An exact copy of the entries below is required, with all pictures removed.

====

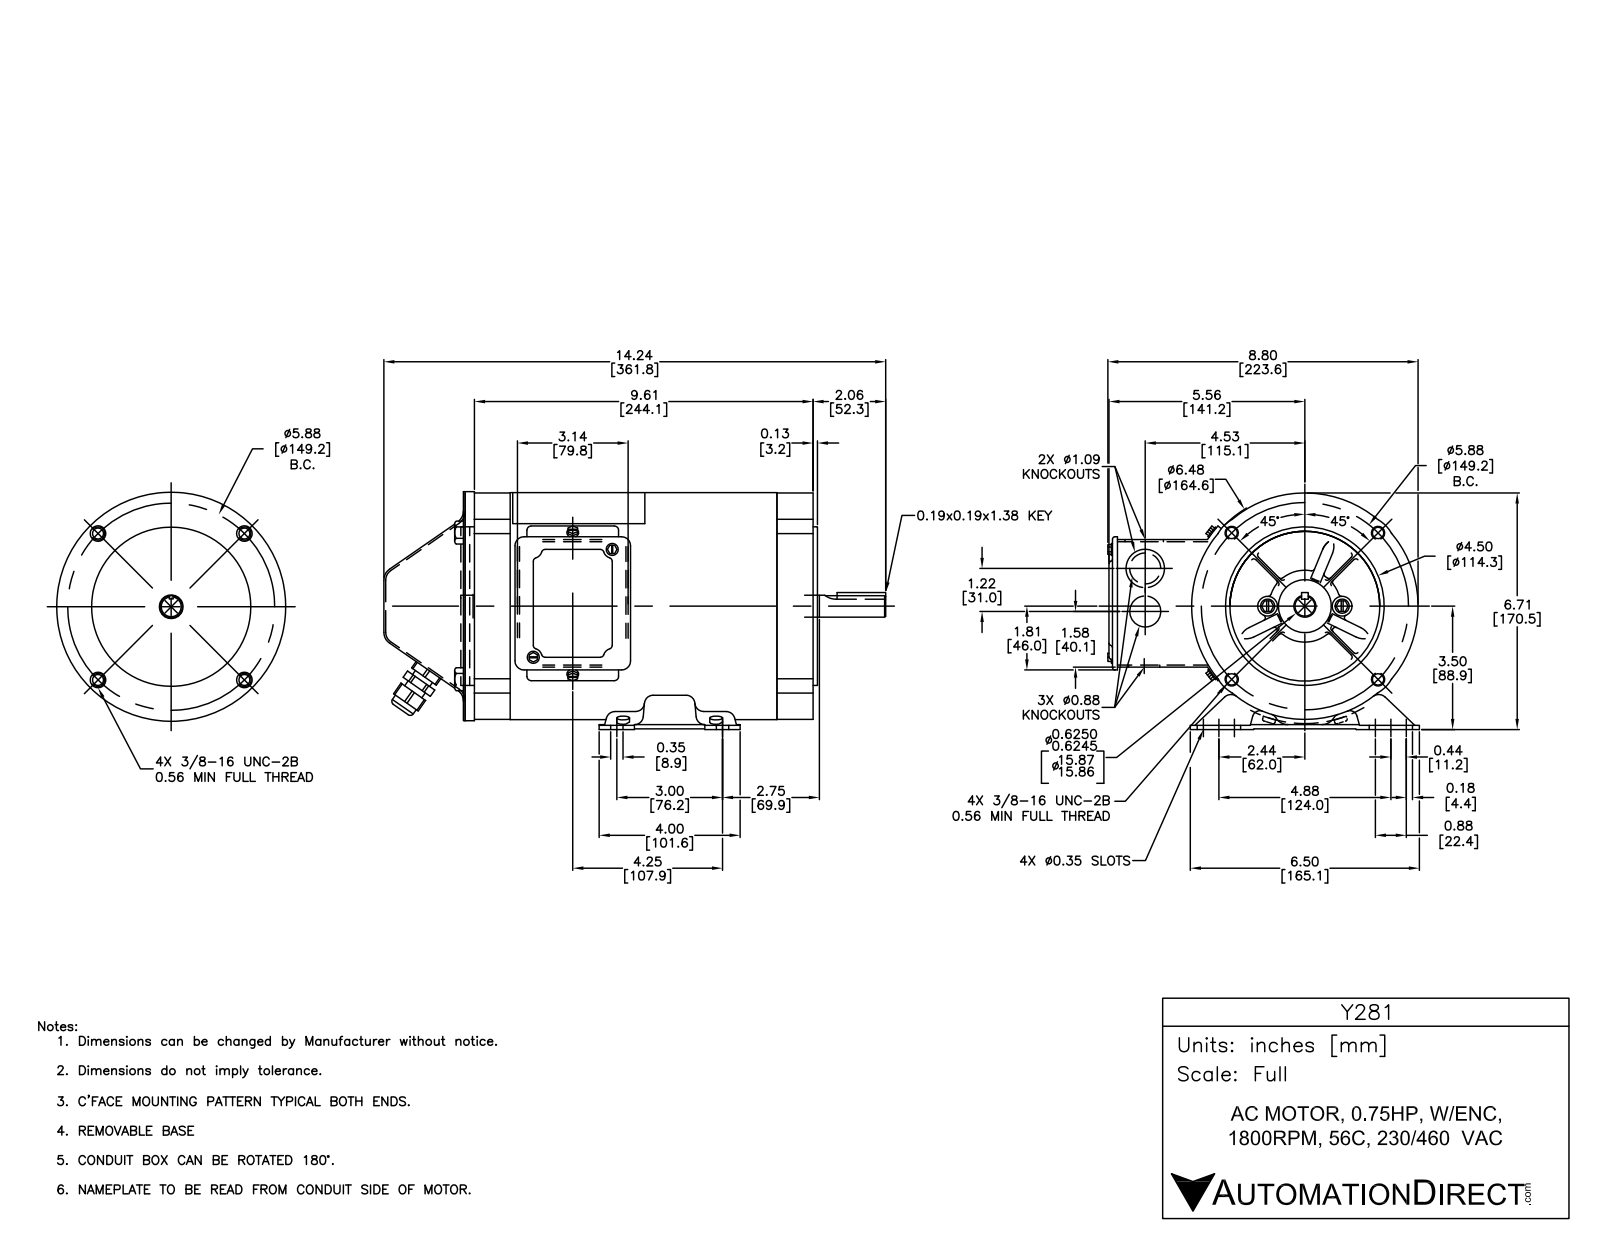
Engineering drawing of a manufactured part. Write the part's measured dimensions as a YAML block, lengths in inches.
part_name: "107388-756_Rev00 r1"
step_written_by: "SolidWorks 2017 (AUTOMOTIVE_DESIGN)"
units: inches
bodies: {solids: 40, faces: 3557, planar: 1326, cylindrical: 828, other: 1403}
overall_size: [13.973, 8.657, 6.723]
volume: 49.31
surface_area: 951.6
round_holes:
  - {diameter: 0.25, count: 12}
  - {diameter: 0.218, count: 8}
  - {diameter: 0.313, count: 6}
  - {diameter: 0.159, count: 4}
  - {diameter: 0.274, count: 4}
  - {diameter: 0.28, count: 4}
  - {diameter: 0.406, count: 4}
  - {diameter: 0.88, count: 3}
  - {diameter: 0.063, count: 2}
  - {diameter: 0.147, count: 2}
  - {diameter: 0.187, count: 2}
  - {diameter: 0.205, count: 2}
round_bosses_or_shafts:
  - {diameter: 0.399, count: 10}
  - {diameter: 0.19, count: 10}
  - {diameter: 0.5, count: 4}
  - {diameter: 0.375, count: 4}
  - {diameter: 0.166, count: 4}
  - {diameter: 0.164, count: 4}
  - {diameter: 0.335, count: 3}
  - {diameter: 6.5, count: 1}
partial_cylinders:
  - {radius: 0.05, count: 46}
  - {radius: 0.06, count: 19}
  - {radius: 0.12, count: 16}
  - {radius: 0.25, count: 16}
  - {radius: 0.13, count: 12}
  - {radius: 0.02, count: 10}
  - {radius: 0.08, count: 10}
  - {radius: 0.175, count: 8}
face_to_face_distances: [0.06, 0.22, 9.39, 9.61, 0.048, 9.658, 3.56, 0.1, 0.041, 0.06]
hole_center_spacings: [2.193, 2.287, 2.451, 2.772, 3.091, 3.774, 3.923, 5.207]

====

WRITTEN SOLUTION —
Engineering drawing of a manufactured part. Write the part's measured dimensions as a YAML block, lengths in inches.
part_name: "107388-756_Rev00 r1"
step_written_by: "SolidWorks 2017 (AUTOMOTIVE_DESIGN)"
units: inches
bodies: {solids: 40, faces: 3557, planar: 1326, cylindrical: 828, other: 1403}
overall_size: [13.973, 8.657, 6.723]
volume: 49.31
surface_area: 951.6
round_holes:
  - {diameter: 0.25, count: 12}
  - {diameter: 0.218, count: 8}
  - {diameter: 0.313, count: 6}
  - {diameter: 0.159, count: 4}
  - {diameter: 0.274, count: 4}
  - {diameter: 0.28, count: 4}
  - {diameter: 0.406, count: 4}
  - {diameter: 0.88, count: 3}
  - {diameter: 0.063, count: 2}
  - {diameter: 0.147, count: 2}
  - {diameter: 0.187, count: 2}
  - {diameter: 0.205, count: 2}
round_bosses_or_shafts:
  - {diameter: 0.399, count: 10}
  - {diameter: 0.19, count: 10}
  - {diameter: 0.5, count: 4}
  - {diameter: 0.375, count: 4}
  - {diameter: 0.166, count: 4}
  - {diameter: 0.164, count: 4}
  - {diameter: 0.335, count: 3}
  - {diameter: 6.5, count: 1}
partial_cylinders:
  - {radius: 0.05, count: 46}
  - {radius: 0.06, count: 19}
  - {radius: 0.12, count: 16}
  - {radius: 0.25, count: 16}
  - {radius: 0.13, count: 12}
  - {radius: 0.02, count: 10}
  - {radius: 0.08, count: 10}
  - {radius: 0.175, count: 8}
face_to_face_distances: [0.06, 0.22, 9.39, 9.61, 0.048, 9.658, 3.56, 0.1, 0.041, 0.06]
hole_center_spacings: [2.193, 2.287, 2.451, 2.772, 3.091, 3.774, 3.923, 5.207]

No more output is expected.